Dataset records:
====

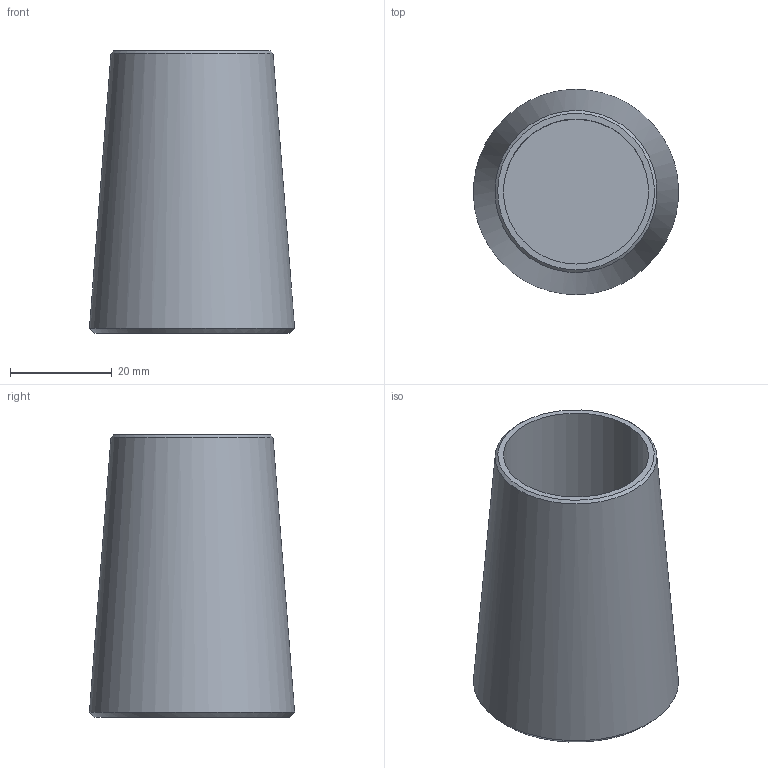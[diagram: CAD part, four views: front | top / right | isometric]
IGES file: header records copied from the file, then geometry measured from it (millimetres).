
Global section: file name: 520-027-KMU; native system: Autodesk Inventor 2016; preprocessor: unknown; author: BAYR; date: 20200618.122600; units: millimetre
Bounding box: 40.32 x 40.34 x 55.5 mm (x, y, z)
Volume: 30327.6 mm3; surface area: 12054.8 mm2
Topology: 1 solids, 1 shells, 7 faces, 14 edges, 10 vertices
Faces by surface type: bspline 7

====

▶ **Description of the task**
Repeat only the stretch of lines starting at the one containing "IGES file: header" and running to the final line of the entries above.

▶ **Result**
IGES file: header records copied from the file, then geometry measured from it (millimetres).
Global section: file name: 520-027-KMU; native system: Autodesk Inventor 2016; preprocessor: unknown; author: BAYR; date: 20200618.122600; units: millimetre
Bounding box: 40.32 x 40.34 x 55.5 mm (x, y, z)
Volume: 30327.6 mm3; surface area: 12054.8 mm2
Topology: 1 solids, 1 shells, 7 faces, 14 edges, 10 vertices
Faces by surface type: bspline 7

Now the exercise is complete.